The Company recognizes the tax benefits from uncertain tax positions that the Company has taken or expects to take on a tax return. In the unlikely event an uncertain tax position exists in which the Company could incur income taxes, the Company would evaluate whether there is a probability that the uncertain tax position taken would be sustained upon examination by a taxing authority. Reserves for uncertain tax positions would then be recorded if the Company determined it is probable that either a position would not be sustained upon examination or a payment would have to be made to a taxing authority and the amount was reasonably estimable. As of March 31, 2026 and December 31, 2025, the Company does not believe it has any uncertain tax positions that would result in the Company having a liability to the taxing authority. It is the Company’s policy to expense any interest and penalties associated with its tax obligations when they are probable and estimable.

Equity-based Compensation

Equity-based Compensation:

The Company accounts for equity-based compensation expense by the measurement and recognition of compensation expense for equity-based awards based on estimated fair values on the date of grant. The fair value of the options is estimated at the date of the grant using the Black-Scholes option-pricing model.

The Black-Scholes option-pricing model requires the input of highly subjective assumptions, the most significant of which are the expected share price volatility, the expected life of the option award, the risk-free rate of return, and dividends during the expected term. Because the option-pricing model is sensitive to changes in the input assumptions, different determinations of the required inputs may result in different fair value estimates of the options.
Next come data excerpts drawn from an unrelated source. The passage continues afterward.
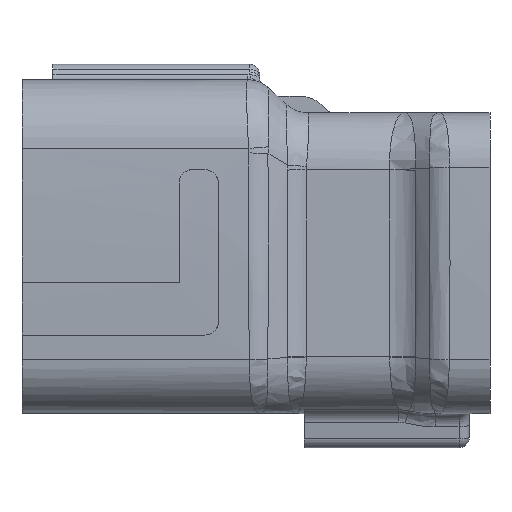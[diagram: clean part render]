
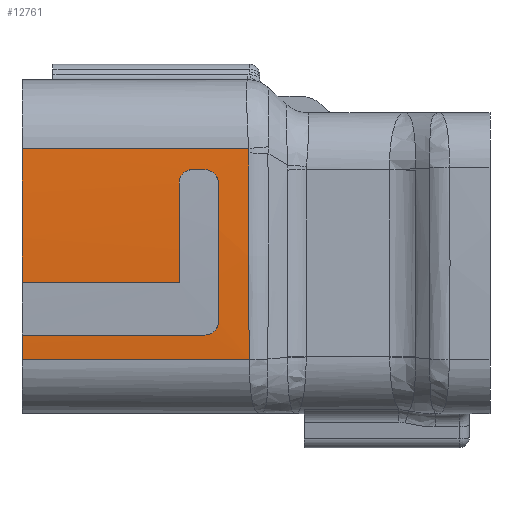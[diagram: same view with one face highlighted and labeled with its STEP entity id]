
A CAD part, front view. The second image highlights one B-rep face of the part: STEP entity #12761.
In plain terms, the highlighted cylindrical face has radius 203.1 mm (diameter 406.2 mm), a partial arc.
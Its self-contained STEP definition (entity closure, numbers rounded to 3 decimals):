
#10867=AXIS2_PLACEMENT_3D('Circle Axis2P3D',#10865,#10866,$) ;
#10954=AXIS2_PLACEMENT_3D('Circle Axis2P3D',#10952,#10953,$) ;
#12732=AXIS2_PLACEMENT_3D('Cylinder Axis2P3D',#12729,#12730,#12731) ;
#12736=AXIS2_PLACEMENT_3D('Circle Axis2P3D',#12734,#12735,$) ;
#12741=AXIS2_PLACEMENT_3D('Circle Axis2P3D',#12739,#12740,$) ;
#9660=CARTESIAN_POINT('Vertex',(0.442,-15.151,19.646)) ;
#9803=CARTESIAN_POINT('Vertex',(0.494,-15.135,-0.781)) ;
#10601=CARTESIAN_POINT('Vertex',(0.463,-15.172,19.223)) ;
#10605=CARTESIAN_POINT('Control Point',(0.463,-15.172,19.223)) ;
#10606=CARTESIAN_POINT('Control Point',(0.463,-15.172,19.227)) ;
#10607=CARTESIAN_POINT('Control Point',(0.463,-15.172,19.231)) ;
#10608=CARTESIAN_POINT('Control Point',(0.463,-15.171,19.234)) ;
#10609=CARTESIAN_POINT('Control Point',(0.464,-15.167,19.316)) ;
#10610=CARTESIAN_POINT('Control Point',(0.462,-15.163,19.399)) ;
#10611=CARTESIAN_POINT('Control Point',(0.458,-15.16,19.48)) ;
#10612=CARTESIAN_POINT('Control Point',(0.451,-15.156,19.563)) ;
#10613=CARTESIAN_POINT('Control Point',(0.442,-15.151,19.646)) ;
#10719=CARTESIAN_POINT('Vertex',(0.494,-15.135,-0.773)) ;
#10723=CARTESIAN_POINT('Control Point',(0.494,-15.135,-0.773)) ;
#10724=CARTESIAN_POINT('Control Point',(0.49,-15.149,-0.493)) ;
#10725=CARTESIAN_POINT('Control Point',(0.486,-15.163,-0.212)) ;
#10726=CARTESIAN_POINT('Control Point',(0.483,-15.177,0.075)) ;
#10727=CARTESIAN_POINT('Control Point',(0.476,-15.203,0.641)) ;
#10728=CARTESIAN_POINT('Control Point',(0.469,-15.227,1.207)) ;
#10729=CARTESIAN_POINT('Control Point',(0.466,-15.238,1.493)) ;
#10730=CARTESIAN_POINT('Control Point',(0.433,-15.361,4.637)) ;
#10731=CARTESIAN_POINT('Control Point',(0.415,-15.422,7.782)) ;
#10732=CARTESIAN_POINT('Control Point',(0.411,-15.428,10.644)) ;
#10733=CARTESIAN_POINT('Control Point',(0.419,-15.378,13.79)) ;
#10734=CARTESIAN_POINT('Control Point',(0.443,-15.268,16.937)) ;
#10735=CARTESIAN_POINT('Control Point',(0.445,-15.257,17.223)) ;
#10736=CARTESIAN_POINT('Control Point',(0.448,-15.241,17.652)) ;
#10737=CARTESIAN_POINT('Control Point',(0.452,-15.223,18.08)) ;
#10738=CARTESIAN_POINT('Control Point',(0.453,-15.217,18.223)) ;
#10739=CARTESIAN_POINT('Control Point',(0.456,-15.205,18.509)) ;
#10740=CARTESIAN_POINT('Control Point',(0.459,-15.192,18.795)) ;
#10741=CARTESIAN_POINT('Control Point',(0.46,-15.185,18.938)) ;
#10742=CARTESIAN_POINT('Control Point',(0.462,-15.179,19.081)) ;
#10743=CARTESIAN_POINT('Control Point',(0.463,-15.172,19.223)) ;
#10798=CARTESIAN_POINT('Control Point',(0.494,-15.135,-0.781)) ;
#10799=CARTESIAN_POINT('Control Point',(0.494,-15.135,-0.78)) ;
#10800=CARTESIAN_POINT('Control Point',(0.494,-15.135,-0.778)) ;
#10801=CARTESIAN_POINT('Control Point',(0.494,-15.135,-0.776)) ;
#10802=CARTESIAN_POINT('Control Point',(0.494,-15.135,-0.775)) ;
#10803=CARTESIAN_POINT('Control Point',(0.494,-15.135,-0.773)) ;
#10818=CARTESIAN_POINT('Control Point',(-2.5,-15.289,16.3)) ;
#10819=CARTESIAN_POINT('Control Point',(-2.5,-15.273,16.81)) ;
#10820=CARTESIAN_POINT('Control Point',(-2.772,-15.253,17.327)) ;
#10821=CARTESIAN_POINT('Control Point',(-3.289,-15.242,17.6)) ;
#10822=CARTESIAN_POINT('Control Point',(-3.8,-15.242,17.6)) ;
#10823=CARTESIAN_POINT('Vertex',(-2.5,-15.289,16.3)) ;
#10825=CARTESIAN_POINT('Vertex',(-3.8,-15.242,17.6)) ;
#10862=CARTESIAN_POINT('Vertex',(-6.3,-15.289,16.3)) ;
#10865=CARTESIAN_POINT('Axis2P3D Location',(-6.3,187.7,9.6)) ;
#10869=CARTESIAN_POINT('Vertex',(-6.3,-15.379,6.7)) ;
#10897=CARTESIAN_POINT('Vertex',(-5.,-15.242,17.6)) ;
#10905=CARTESIAN_POINT('Line Origine',(-4.4,-15.242,17.6)) ;
#10923=CARTESIAN_POINT('Control Point',(-6.3,-15.289,16.3)) ;
#10924=CARTESIAN_POINT('Control Point',(-6.3,-15.273,16.81)) ;
#10925=CARTESIAN_POINT('Control Point',(-6.028,-15.253,17.327)) ;
#10926=CARTESIAN_POINT('Control Point',(-5.511,-15.242,17.6)) ;
#10927=CARTESIAN_POINT('Control Point',(-5.,-15.242,17.6)) ;
#10949=CARTESIAN_POINT('Vertex',(-2.5,-15.289,2.9)) ;
#10952=CARTESIAN_POINT('Axis2P3D Location',(-2.5,187.7,9.6)) ;
#10975=CARTESIAN_POINT('Control Point',(-2.5,-15.289,2.9)) ;
#10976=CARTESIAN_POINT('Control Point',(-2.5,-15.273,2.39)) ;
#10977=CARTESIAN_POINT('Control Point',(-2.772,-15.253,1.873)) ;
#10978=CARTESIAN_POINT('Control Point',(-3.289,-15.242,1.6)) ;
#10979=CARTESIAN_POINT('Control Point',(-3.8,-15.242,1.6)) ;
#10980=CARTESIAN_POINT('Vertex',(-3.8,-15.242,1.6)) ;
#12490=CARTESIAN_POINT('Line Origine',(-13.9,-15.379,6.7)) ;
#12494=CARTESIAN_POINT('Vertex',(-21.5,-15.379,6.7)) ;
#12532=CARTESIAN_POINT('Vertex',(-21.5,-15.151,19.646)) ;
#12535=CARTESIAN_POINT('Line Origine',(1.5,-15.151,19.646)) ;
#12552=CARTESIAN_POINT('Line Origine',(1.5,-15.135,-0.781)) ;
#12556=CARTESIAN_POINT('Vertex',(-21.5,-15.135,-0.781)) ;
#12692=CARTESIAN_POINT('Vertex',(-21.5,-15.242,1.6)) ;
#12695=CARTESIAN_POINT('Line Origine',(-12.65,-15.242,1.6)) ;
#12729=CARTESIAN_POINT('Axis2P3D Location',(1.5,187.7,9.6)) ;
#12734=CARTESIAN_POINT('Axis2P3D Location',(-21.5,187.7,9.6)) ;
#12739=CARTESIAN_POINT('Axis2P3D Location',(-21.5,187.7,9.6)) ;
#10866=DIRECTION('Axis2P3D Direction',(1.,-0.,0.)) ;
#10906=DIRECTION('Vector Direction',(-1.,0.,0.)) ;
#10953=DIRECTION('Axis2P3D Direction',(-1.,0.,-0.)) ;
#12491=DIRECTION('Vector Direction',(-1.,0.,0.)) ;
#12536=DIRECTION('Vector Direction',(-1.,0.,0.)) ;
#12553=DIRECTION('Vector Direction',(-1.,0.,0.)) ;
#12696=DIRECTION('Vector Direction',(1.,0.,0.)) ;
#12730=DIRECTION('Axis2P3D Direction',(-1.,0.,0.)) ;
#12731=DIRECTION('Axis2P3D XDirection',(-0.,-0.999,-0.051)) ;
#12735=DIRECTION('Axis2P3D Direction',(-1.,0.,0.)) ;
#12740=DIRECTION('Axis2P3D Direction',(-1.,0.,0.)) ;
#10907=VECTOR('Line Direction',#10906,1.) ;
#12492=VECTOR('Line Direction',#12491,1.) ;
#12537=VECTOR('Line Direction',#12536,1.) ;
#12554=VECTOR('Line Direction',#12553,1.) ;
#12697=VECTOR('Line Direction',#12696,1.) ;
#12745=ORIENTED_EDGE('',*,*,#12738,.T.) ;
#12746=ORIENTED_EDGE('',*,*,#12558,.F.) ;
#12747=ORIENTED_EDGE('',*,*,#10804,.T.) ;
#12748=ORIENTED_EDGE('',*,*,#10744,.T.) ;
#12749=ORIENTED_EDGE('',*,*,#10614,.T.) ;
#12750=ORIENTED_EDGE('',*,*,#12539,.T.) ;
#12751=ORIENTED_EDGE('',*,*,#12743,.T.) ;
#12752=ORIENTED_EDGE('',*,*,#12496,.F.) ;
#12753=ORIENTED_EDGE('',*,*,#10871,.F.) ;
#12754=ORIENTED_EDGE('',*,*,#10928,.F.) ;
#12755=ORIENTED_EDGE('',*,*,#10909,.F.) ;
#12756=ORIENTED_EDGE('',*,*,#10827,.F.) ;
#12757=ORIENTED_EDGE('',*,*,#10956,.F.) ;
#12758=ORIENTED_EDGE('',*,*,#10982,.F.) ;
#12759=ORIENTED_EDGE('',*,*,#12699,.F.) ;
#12761=ADVANCED_FACE('HSG \X2\306E7D50679C\X0\',(#12760),#12733,.T.) ;
#10604=B_SPLINE_CURVE_WITH_KNOTS('',5,(#10605,#10606,#10607,#10608,#10609,#10610,#10611,#10612,#10613),.UNSPECIFIED.,.F.,.U.,(6,3,6),(35.462,35.499,36.291),.UNSPECIFIED.) ;
#10722=B_SPLINE_CURVE_WITH_KNOTS('',5,(#10723,#10724,#10725,#10726,#10727,#10728,#10729,#10730,#10731,#10732,#10733,#10734,#10735,#10736,#10737,#10738,#10739,#10740,#10741,#10742,#10743),.UNSPECIFIED.,.F.,.U.,(6,3,3,3,3,3,6),(5.841,7.848,9.893,30.343,32.386,33.407,34.428),.UNSPECIFIED.) ;
#10797=B_SPLINE_CURVE_WITH_KNOTS('',5,(#10798,#10799,#10800,#10801,#10802,#10803),.UNSPECIFIED.,.F.,.U.,(6,6),(23.203,23.219),.UNSPECIFIED.) ;
#10817=B_SPLINE_CURVE_WITH_KNOTS('',4,(#10818,#10819,#10820,#10821,#10822),.UNSPECIFIED.,.F.,.U.,(5,5),(0.,2.889),.UNSPECIFIED.) ;
#10922=B_SPLINE_CURVE_WITH_KNOTS('',4,(#10923,#10924,#10925,#10926,#10927),.UNSPECIFIED.,.F.,.U.,(5,5),(0.,2.889),.UNSPECIFIED.) ;
#10974=B_SPLINE_CURVE_WITH_KNOTS('',4,(#10975,#10976,#10977,#10978,#10979),.UNSPECIFIED.,.F.,.U.,(5,5),(0.,2.889),.UNSPECIFIED.) ;
#10868=CIRCLE('generated circle',#10867,203.1) ;
#10955=CIRCLE('generated circle',#10954,203.1) ;
#12737=CIRCLE('generated circle',#12736,203.1) ;
#12742=CIRCLE('generated circle',#12741,203.1) ;
#12733=CYLINDRICAL_SURFACE('generated cylinder',#12732,203.1) ;
#10614=EDGE_CURVE('',#10602,#9661,#10604,.T.) ;
#10744=EDGE_CURVE('',#10720,#10602,#10722,.T.) ;
#10804=EDGE_CURVE('',#9804,#10720,#10797,.T.) ;
#10827=EDGE_CURVE('',#10824,#10826,#10817,.T.) ;
#10871=EDGE_CURVE('',#10863,#10870,#10868,.T.) ;
#10909=EDGE_CURVE('',#10826,#10898,#10908,.T.) ;
#10928=EDGE_CURVE('',#10898,#10863,#10922,.F.) ;
#10956=EDGE_CURVE('',#10950,#10824,#10955,.T.) ;
#10982=EDGE_CURVE('',#10981,#10950,#10974,.F.) ;
#12496=EDGE_CURVE('',#10870,#12495,#12493,.T.) ;
#12539=EDGE_CURVE('',#9661,#12533,#12538,.T.) ;
#12558=EDGE_CURVE('',#9804,#12557,#12555,.T.) ;
#12699=EDGE_CURVE('',#12693,#10981,#12698,.T.) ;
#12738=EDGE_CURVE('',#12693,#12557,#12737,.F.) ;
#12743=EDGE_CURVE('',#12533,#12495,#12742,.F.) ;
#12744=EDGE_LOOP('',(#12745,#12746,#12747,#12748,#12749,#12750,#12751,#12752,#12753,#12754,#12755,#12756,#12757,#12758,#12759)) ;
#12760=FACE_OUTER_BOUND('',#12744,.T.) ;
#10908=LINE('Line',#10905,#10907) ;
#12493=LINE('Line',#12490,#12492) ;
#12538=LINE('Line',#12535,#12537) ;
#12555=LINE('Line',#12552,#12554) ;
#12698=LINE('Line',#12695,#12697) ;
#9661=VERTEX_POINT('',#9660) ;
#9804=VERTEX_POINT('',#9803) ;
#10602=VERTEX_POINT('',#10601) ;
#10720=VERTEX_POINT('',#10719) ;
#10824=VERTEX_POINT('',#10823) ;
#10826=VERTEX_POINT('',#10825) ;
#10863=VERTEX_POINT('',#10862) ;
#10870=VERTEX_POINT('',#10869) ;
#10898=VERTEX_POINT('',#10897) ;
#10950=VERTEX_POINT('',#10949) ;
#10981=VERTEX_POINT('',#10980) ;
#12495=VERTEX_POINT('',#12494) ;
#12533=VERTEX_POINT('',#12532) ;
#12557=VERTEX_POINT('',#12556) ;
#12693=VERTEX_POINT('',#12692) ;

Neither the Company’s stock options nor its restricted stock units (“RSUs”) trade on an active market. Volatility is a measure of the amount by which a financial variable, such as a stock price, has fluctuated (historical volatility) or is expected to fluctuate (expected volatility) during a period. Given the Company’s limited historical data, the Company utilizes the average historical volatility of similar publicly traded companies that are in the same industry. The risk-free interest rate is the average U.S. treasury rate (having a term that most closely approximates the expected life of the option) for the period in which the option was granted. The expected life is the period of time that the options granted are expected to remain outstanding. Options granted have a maximum term of ten years. The Company had insufficient historical data to utilize in determining its expected life assumptions and, therefore, uses the simplified method for determining expected life.